For his part, Skarsgard more than gives Tim Curry a run for his money, warping Pennywise into one of the most unsettling horror villains to have graced our screens in years, maybe even decades. Some of his various incarnations suffer from that overly smooth CGI sheen, but this is countered elsewhere with some truly beautiful VFX work. The horror here can be unexpectedly beautiful; a late literal depiction of just how all of Pennywise’s children “float” is the kind of thing Tim Burton could only dream of conjuring at this stage in his career.
The young cast is uniformly excellent, though particular props go to Lillis for channeling Molly Ringwald in her incarnation of Beverly Marsh (shame the movie felt the need to address it), while Lieberher (Midnight Special) and Wolfhard’s prior experience on our screens has clearly lent them a level of relaxation in front of a camera. Elsewhere, mullet-wearing ringleader Henry Bowers is effectively embodied by Nicholas Hamilton, but the performance is added much-needed texture when we are encouraged to sympathise with this little monster. Here the screenwriters keep hold of one of the integral themes of the book; that evil or a passivity to evil is sculpted through abuse, and that all too often villains are also victims too.

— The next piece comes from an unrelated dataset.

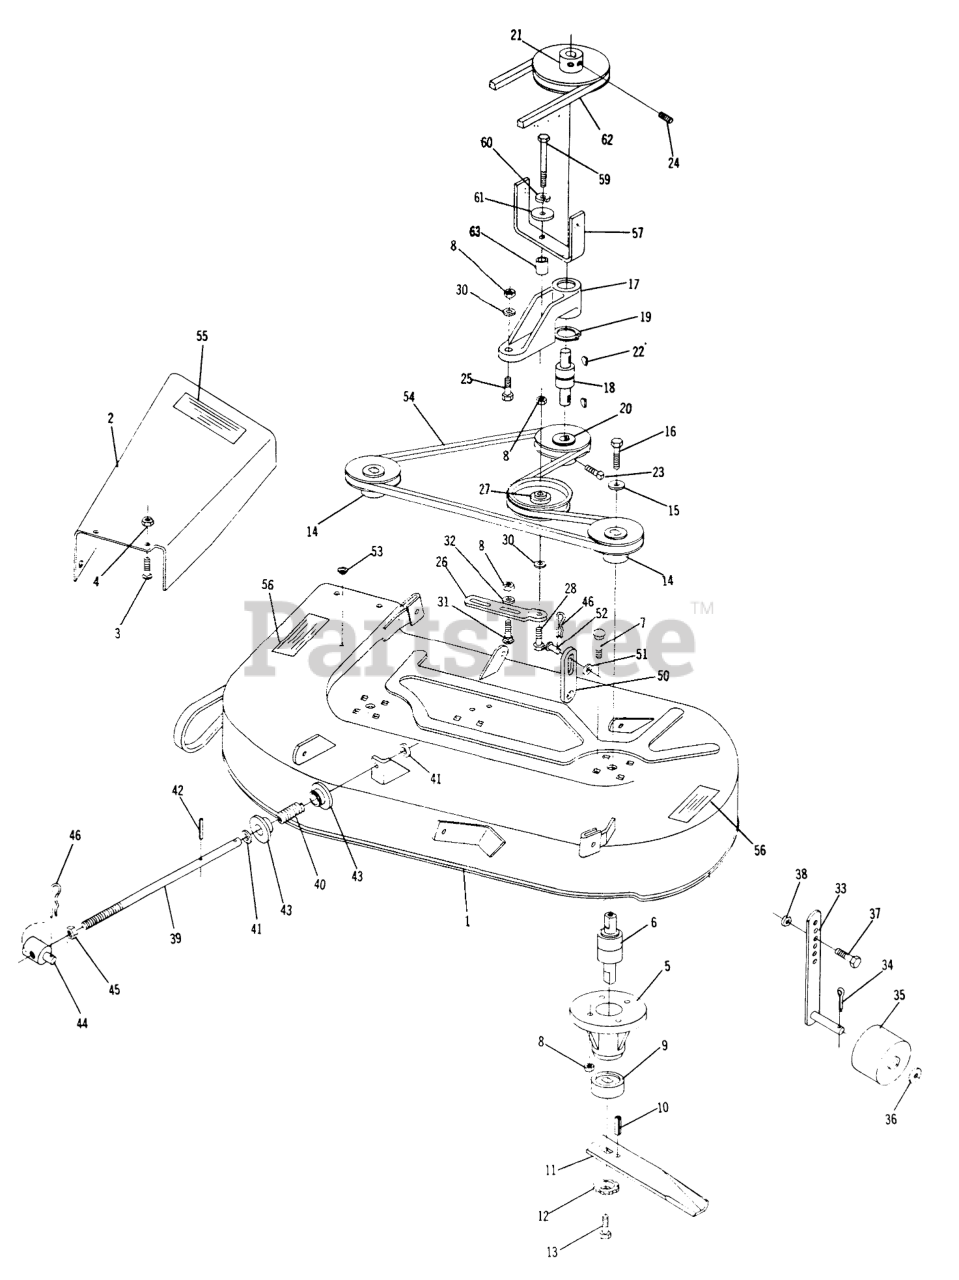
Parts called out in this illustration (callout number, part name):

There are nitpicks. As the clown drives the core characters together, there’s a sense of continual reset as we hop from one nightmarish experience to the next getting all our ducks in a row (this stop-start repetition is rewarded come the last reel, however). Some characters are better serviced than others (Jacobs’ Mike Hanlon could’ve used a little more of the spotlight, especially considering his importance in the second half of this story), while the very fact of IT being the first half of a novel lends it an inevitable sense of anti-climax. Muschietti’s established instinct from Mama that more-is-more doesn’t always pay off either. Some fears might’ve been better left inferred.
But taken as an entity in itself and especially framed within the standards of modern mainstream horror, this is a colossal triumph that actually manages to exceed some pretty weighty expectations, evoking the epic feel of classic blockbusters like Alien when it comes down to hunting an unknowable beast in the dark during its breathless underground finale. Great as the kids are, the MVP in all of this is surely cinematographer Chung-hoon Chung, whose work with light or the lack thereof paints IT in a visual language we immediately associate as classic. You can already imagine a new generation of kids watching copies of this way before they’re really supposed to. In that way the movie feels like a generational handover; something already on its way to being beloved, allowing it comparable status with King adaptations like The Green Mile.
A potty-mouthed story of fear and friendship with the inventiveness of Elm Street Craven and the warmth of ET Spielberg, and one that resonates for an America swept up in monstrous fear-mongering, so there’s relevance as well. To borrow the expletive-strewn vernacular of Richie Tozier, I fucking loved it.